## What to produce:
Look through the listing for the string "continued" and copy out every line that holds it.

## Available records:

——

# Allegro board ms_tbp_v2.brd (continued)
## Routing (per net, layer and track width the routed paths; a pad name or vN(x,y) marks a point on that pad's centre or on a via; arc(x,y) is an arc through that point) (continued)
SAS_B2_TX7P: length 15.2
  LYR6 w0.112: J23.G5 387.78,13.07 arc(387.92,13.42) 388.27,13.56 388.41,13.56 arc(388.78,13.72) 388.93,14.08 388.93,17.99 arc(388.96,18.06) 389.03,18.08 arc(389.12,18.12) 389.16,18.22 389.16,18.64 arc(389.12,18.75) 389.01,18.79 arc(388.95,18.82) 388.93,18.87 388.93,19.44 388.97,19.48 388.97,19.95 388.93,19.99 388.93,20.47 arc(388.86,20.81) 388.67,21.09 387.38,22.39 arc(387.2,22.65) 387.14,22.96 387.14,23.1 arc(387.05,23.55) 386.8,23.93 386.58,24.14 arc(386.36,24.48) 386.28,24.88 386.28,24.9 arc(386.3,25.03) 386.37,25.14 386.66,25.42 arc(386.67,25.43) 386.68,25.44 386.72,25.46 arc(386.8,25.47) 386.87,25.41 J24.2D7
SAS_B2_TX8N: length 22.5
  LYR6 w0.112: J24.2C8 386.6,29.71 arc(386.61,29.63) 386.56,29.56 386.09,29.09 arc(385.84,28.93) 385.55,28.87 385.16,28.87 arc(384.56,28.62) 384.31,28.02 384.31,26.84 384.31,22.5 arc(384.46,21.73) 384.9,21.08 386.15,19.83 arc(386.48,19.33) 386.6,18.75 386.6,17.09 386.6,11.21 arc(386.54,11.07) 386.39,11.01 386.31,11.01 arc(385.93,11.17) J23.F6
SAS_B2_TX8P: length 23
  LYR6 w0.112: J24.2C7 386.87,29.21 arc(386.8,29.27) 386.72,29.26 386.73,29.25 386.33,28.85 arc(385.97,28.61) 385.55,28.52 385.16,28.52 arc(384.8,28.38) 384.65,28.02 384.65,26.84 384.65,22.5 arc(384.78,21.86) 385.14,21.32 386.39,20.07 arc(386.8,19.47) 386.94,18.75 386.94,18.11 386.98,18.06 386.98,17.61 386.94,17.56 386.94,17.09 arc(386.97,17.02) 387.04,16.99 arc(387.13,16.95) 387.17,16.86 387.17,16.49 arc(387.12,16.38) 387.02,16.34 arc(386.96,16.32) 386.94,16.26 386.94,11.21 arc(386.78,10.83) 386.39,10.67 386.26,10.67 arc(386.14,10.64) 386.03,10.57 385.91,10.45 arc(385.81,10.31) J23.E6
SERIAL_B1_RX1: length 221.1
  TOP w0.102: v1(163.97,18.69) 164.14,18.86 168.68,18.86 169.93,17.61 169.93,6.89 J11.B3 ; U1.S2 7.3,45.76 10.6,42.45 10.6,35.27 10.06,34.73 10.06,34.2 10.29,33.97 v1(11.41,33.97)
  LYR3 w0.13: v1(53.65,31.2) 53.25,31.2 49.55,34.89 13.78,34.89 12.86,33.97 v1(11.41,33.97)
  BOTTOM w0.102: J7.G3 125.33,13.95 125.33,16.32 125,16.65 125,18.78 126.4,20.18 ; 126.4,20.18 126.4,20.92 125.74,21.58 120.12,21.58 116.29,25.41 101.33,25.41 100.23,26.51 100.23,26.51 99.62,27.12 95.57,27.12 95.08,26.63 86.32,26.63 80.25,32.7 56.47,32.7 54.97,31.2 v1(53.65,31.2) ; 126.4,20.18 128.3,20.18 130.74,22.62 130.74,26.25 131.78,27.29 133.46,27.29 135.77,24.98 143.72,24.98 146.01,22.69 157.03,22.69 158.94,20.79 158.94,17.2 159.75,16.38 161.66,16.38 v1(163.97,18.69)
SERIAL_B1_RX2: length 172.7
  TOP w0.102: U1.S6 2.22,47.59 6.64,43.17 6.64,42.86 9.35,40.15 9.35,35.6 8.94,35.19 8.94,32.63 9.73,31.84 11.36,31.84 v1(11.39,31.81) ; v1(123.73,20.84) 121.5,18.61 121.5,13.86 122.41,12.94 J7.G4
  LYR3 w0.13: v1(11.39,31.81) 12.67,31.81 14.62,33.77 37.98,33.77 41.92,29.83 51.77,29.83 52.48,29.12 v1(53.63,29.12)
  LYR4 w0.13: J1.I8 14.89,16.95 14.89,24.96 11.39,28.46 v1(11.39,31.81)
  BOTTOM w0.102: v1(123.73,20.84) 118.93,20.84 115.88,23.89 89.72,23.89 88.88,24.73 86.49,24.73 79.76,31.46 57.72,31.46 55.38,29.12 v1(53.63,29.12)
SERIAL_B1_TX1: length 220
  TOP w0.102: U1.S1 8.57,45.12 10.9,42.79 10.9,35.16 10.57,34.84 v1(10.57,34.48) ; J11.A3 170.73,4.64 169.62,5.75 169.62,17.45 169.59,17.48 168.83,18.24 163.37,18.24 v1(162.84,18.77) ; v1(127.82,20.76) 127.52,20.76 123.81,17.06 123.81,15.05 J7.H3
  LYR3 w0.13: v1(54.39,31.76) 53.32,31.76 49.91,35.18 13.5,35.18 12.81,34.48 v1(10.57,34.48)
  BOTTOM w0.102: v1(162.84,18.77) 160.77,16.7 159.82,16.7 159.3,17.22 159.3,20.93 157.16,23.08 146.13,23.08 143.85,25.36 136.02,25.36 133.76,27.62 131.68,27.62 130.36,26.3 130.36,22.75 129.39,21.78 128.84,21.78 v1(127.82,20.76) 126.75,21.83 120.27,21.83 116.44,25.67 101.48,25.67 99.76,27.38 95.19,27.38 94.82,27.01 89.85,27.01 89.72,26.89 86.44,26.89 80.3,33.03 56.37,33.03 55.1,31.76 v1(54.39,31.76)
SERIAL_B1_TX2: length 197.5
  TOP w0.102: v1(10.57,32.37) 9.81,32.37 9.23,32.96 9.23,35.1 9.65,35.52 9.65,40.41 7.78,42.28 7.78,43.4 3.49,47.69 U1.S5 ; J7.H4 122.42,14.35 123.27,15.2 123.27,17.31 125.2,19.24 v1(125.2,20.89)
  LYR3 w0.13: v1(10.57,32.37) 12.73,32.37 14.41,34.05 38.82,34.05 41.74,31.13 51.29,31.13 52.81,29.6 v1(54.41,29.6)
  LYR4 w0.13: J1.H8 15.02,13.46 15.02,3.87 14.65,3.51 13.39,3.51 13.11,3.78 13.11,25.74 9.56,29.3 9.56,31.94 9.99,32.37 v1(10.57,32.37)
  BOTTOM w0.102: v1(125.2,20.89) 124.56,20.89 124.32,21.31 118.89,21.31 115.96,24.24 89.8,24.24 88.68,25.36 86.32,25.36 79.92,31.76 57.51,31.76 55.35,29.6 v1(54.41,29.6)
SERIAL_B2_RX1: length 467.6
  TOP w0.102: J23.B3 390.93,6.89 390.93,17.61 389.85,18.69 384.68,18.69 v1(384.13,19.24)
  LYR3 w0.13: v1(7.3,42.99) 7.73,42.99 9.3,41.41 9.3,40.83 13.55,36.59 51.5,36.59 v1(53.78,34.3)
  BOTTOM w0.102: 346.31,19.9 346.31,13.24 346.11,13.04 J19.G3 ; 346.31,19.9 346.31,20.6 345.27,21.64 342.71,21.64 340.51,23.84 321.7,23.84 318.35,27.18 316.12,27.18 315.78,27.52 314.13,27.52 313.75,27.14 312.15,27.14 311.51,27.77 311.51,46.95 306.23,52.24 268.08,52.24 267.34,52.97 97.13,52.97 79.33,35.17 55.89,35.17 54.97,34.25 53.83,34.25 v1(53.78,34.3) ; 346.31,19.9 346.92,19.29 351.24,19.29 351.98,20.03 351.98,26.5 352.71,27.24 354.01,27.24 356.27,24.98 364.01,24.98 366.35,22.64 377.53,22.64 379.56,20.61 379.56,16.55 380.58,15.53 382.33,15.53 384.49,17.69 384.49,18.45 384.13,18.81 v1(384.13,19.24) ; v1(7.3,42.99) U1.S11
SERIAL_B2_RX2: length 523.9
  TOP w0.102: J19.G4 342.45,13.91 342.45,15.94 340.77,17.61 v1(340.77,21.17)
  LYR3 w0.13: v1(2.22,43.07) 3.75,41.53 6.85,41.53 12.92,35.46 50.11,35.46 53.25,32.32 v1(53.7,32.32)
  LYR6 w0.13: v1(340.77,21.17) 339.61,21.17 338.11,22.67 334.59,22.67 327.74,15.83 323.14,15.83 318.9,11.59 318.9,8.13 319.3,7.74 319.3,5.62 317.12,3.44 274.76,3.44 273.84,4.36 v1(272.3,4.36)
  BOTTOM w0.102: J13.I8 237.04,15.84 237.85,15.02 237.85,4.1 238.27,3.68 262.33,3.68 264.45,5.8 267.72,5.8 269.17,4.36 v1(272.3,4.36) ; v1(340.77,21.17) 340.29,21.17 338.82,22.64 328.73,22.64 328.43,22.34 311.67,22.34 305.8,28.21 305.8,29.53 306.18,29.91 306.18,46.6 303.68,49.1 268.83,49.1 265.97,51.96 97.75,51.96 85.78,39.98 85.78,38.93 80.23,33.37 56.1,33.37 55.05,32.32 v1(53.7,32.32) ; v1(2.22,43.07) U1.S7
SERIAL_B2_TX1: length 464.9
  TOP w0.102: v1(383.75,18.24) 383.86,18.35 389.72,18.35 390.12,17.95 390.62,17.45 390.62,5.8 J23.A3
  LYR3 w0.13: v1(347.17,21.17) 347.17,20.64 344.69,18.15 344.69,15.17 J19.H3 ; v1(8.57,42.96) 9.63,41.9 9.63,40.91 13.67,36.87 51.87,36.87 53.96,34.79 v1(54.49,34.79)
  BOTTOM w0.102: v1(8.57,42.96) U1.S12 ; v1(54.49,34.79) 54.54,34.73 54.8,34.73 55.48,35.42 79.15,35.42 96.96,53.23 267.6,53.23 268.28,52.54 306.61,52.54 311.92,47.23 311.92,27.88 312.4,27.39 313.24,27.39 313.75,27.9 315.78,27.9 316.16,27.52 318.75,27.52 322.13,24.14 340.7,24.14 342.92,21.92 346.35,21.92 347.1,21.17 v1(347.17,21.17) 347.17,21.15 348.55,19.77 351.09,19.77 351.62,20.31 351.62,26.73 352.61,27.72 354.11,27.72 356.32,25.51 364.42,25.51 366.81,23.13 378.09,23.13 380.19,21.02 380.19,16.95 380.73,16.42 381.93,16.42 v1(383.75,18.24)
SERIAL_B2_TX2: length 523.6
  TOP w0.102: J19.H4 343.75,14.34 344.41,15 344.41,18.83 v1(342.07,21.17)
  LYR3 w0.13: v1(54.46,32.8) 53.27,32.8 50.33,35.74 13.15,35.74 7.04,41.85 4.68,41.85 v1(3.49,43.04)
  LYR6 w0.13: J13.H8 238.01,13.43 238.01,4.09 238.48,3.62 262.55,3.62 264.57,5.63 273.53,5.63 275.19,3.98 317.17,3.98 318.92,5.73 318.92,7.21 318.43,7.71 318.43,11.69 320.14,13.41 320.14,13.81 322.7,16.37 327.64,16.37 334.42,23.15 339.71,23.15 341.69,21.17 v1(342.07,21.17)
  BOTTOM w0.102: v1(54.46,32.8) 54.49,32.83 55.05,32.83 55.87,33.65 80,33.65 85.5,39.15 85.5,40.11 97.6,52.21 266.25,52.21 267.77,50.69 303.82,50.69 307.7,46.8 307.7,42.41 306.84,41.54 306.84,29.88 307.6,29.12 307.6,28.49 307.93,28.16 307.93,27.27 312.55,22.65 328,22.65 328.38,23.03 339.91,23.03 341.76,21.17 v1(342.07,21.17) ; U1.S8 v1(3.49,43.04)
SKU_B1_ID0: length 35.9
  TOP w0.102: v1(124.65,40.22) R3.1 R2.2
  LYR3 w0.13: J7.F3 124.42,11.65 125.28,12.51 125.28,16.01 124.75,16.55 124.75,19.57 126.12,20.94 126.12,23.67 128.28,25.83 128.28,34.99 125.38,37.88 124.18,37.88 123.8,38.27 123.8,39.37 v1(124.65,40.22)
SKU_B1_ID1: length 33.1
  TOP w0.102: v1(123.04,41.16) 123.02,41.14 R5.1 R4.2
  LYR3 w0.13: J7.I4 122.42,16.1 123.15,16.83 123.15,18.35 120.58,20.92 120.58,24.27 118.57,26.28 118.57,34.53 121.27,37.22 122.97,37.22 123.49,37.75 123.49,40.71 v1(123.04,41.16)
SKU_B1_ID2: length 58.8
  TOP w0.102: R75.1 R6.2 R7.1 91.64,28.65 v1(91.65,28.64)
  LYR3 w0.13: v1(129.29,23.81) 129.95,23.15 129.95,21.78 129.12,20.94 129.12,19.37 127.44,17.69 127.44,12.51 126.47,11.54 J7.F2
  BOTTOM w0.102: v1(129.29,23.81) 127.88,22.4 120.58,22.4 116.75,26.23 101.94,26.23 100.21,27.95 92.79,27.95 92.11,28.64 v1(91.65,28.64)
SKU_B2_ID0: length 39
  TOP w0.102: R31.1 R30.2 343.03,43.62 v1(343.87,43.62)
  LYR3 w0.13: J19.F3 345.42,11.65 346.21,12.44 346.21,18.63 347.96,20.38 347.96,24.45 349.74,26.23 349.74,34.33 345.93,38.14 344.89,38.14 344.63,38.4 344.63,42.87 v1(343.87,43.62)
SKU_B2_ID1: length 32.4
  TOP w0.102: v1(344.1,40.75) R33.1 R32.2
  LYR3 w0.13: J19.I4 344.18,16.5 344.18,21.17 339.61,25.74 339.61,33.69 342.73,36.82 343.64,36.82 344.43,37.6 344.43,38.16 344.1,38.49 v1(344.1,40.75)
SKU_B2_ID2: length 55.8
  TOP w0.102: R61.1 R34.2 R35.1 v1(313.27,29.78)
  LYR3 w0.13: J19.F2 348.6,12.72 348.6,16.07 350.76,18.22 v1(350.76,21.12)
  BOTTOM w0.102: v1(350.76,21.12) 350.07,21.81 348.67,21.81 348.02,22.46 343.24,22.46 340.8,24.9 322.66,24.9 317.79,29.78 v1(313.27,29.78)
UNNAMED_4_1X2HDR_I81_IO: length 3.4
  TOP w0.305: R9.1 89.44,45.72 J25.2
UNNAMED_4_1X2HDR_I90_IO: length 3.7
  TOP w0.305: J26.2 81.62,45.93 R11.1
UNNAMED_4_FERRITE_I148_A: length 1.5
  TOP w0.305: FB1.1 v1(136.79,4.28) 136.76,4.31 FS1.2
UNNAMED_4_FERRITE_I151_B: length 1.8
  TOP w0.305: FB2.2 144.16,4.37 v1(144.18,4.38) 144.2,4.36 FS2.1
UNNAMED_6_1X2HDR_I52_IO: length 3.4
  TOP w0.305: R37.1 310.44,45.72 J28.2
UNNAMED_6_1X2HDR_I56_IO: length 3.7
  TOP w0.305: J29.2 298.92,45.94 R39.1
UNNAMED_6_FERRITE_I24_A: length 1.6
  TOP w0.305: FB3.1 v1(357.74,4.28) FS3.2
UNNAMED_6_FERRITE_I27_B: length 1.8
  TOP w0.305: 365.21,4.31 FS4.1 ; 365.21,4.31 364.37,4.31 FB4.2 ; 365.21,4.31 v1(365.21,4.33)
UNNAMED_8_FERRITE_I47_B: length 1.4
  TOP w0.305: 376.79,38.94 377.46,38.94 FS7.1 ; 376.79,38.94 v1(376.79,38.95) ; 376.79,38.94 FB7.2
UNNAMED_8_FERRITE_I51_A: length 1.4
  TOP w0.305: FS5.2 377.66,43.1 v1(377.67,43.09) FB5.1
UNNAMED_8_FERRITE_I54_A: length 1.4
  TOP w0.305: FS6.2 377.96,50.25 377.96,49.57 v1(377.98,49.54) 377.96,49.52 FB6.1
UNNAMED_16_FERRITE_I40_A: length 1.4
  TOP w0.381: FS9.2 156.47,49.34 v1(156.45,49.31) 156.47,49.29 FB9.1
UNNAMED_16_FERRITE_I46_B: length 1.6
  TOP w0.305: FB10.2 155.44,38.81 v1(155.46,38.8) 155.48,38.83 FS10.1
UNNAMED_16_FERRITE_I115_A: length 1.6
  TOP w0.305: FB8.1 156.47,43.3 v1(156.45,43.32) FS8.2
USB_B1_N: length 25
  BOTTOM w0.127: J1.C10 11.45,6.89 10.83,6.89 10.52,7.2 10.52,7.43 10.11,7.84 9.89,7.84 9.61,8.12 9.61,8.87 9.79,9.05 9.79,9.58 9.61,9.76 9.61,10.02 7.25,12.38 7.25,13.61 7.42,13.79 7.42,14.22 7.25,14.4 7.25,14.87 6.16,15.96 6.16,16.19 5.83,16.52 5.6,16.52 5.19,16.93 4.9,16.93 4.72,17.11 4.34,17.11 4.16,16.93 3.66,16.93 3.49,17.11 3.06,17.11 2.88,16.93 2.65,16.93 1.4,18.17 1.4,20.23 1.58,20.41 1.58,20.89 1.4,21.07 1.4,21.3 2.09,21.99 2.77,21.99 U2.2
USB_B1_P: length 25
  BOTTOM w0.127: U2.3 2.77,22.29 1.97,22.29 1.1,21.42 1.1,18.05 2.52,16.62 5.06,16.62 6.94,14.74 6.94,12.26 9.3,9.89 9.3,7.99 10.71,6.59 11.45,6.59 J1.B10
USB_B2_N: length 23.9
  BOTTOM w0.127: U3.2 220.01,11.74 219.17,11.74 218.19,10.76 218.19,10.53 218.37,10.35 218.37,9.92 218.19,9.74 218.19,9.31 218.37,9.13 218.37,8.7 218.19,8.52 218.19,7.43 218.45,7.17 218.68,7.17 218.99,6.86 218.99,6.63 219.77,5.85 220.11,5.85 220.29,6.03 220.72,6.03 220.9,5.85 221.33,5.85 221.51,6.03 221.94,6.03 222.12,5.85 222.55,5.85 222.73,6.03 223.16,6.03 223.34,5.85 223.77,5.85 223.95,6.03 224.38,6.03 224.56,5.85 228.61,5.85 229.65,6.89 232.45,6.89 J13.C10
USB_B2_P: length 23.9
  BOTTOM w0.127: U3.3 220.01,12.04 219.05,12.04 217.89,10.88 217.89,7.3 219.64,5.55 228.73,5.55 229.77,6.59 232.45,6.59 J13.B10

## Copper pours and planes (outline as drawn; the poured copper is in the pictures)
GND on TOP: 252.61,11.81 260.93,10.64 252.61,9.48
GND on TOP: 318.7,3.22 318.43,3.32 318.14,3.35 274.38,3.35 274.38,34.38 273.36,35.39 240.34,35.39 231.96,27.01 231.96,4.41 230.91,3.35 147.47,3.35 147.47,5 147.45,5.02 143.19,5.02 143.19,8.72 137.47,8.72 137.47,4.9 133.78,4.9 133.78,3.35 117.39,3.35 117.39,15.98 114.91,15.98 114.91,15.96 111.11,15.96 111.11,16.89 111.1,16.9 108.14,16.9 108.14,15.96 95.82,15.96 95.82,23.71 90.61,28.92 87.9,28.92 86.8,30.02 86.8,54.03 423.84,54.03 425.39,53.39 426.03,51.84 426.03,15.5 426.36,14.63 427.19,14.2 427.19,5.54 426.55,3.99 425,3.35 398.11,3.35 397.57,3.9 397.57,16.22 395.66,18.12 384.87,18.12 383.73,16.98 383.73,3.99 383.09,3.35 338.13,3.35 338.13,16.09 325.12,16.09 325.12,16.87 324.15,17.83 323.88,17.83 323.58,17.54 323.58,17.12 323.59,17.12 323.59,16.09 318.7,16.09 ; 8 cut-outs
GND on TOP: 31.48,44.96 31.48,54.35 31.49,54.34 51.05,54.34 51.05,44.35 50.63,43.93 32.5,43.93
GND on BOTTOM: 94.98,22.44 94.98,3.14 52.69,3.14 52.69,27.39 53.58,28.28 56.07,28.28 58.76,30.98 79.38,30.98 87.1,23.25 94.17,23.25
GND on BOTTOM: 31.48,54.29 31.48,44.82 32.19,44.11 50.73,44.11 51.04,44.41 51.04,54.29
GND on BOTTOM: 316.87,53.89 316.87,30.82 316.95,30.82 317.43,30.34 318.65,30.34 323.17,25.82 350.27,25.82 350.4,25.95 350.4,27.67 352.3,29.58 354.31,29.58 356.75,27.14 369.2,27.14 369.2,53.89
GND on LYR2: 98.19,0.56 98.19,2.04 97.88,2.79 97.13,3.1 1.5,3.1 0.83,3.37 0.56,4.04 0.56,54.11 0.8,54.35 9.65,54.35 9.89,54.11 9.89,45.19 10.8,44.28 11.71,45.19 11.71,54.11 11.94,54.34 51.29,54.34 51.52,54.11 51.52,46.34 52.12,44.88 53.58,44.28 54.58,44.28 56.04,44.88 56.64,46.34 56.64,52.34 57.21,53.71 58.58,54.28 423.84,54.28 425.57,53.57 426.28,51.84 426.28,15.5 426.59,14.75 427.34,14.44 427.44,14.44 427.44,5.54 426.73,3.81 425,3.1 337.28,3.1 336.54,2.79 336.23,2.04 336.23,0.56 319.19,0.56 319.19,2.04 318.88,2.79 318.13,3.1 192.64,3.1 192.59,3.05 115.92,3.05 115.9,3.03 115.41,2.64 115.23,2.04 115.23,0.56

——

## Result:
# Allegro board ms_tbp_v2.brd (continued)
## Routing (per net, layer and track width the routed paths; a pad name or vN(x,y) marks a point on that pad's centre or on a via; arc(x,y) is an arc through that point) (continued)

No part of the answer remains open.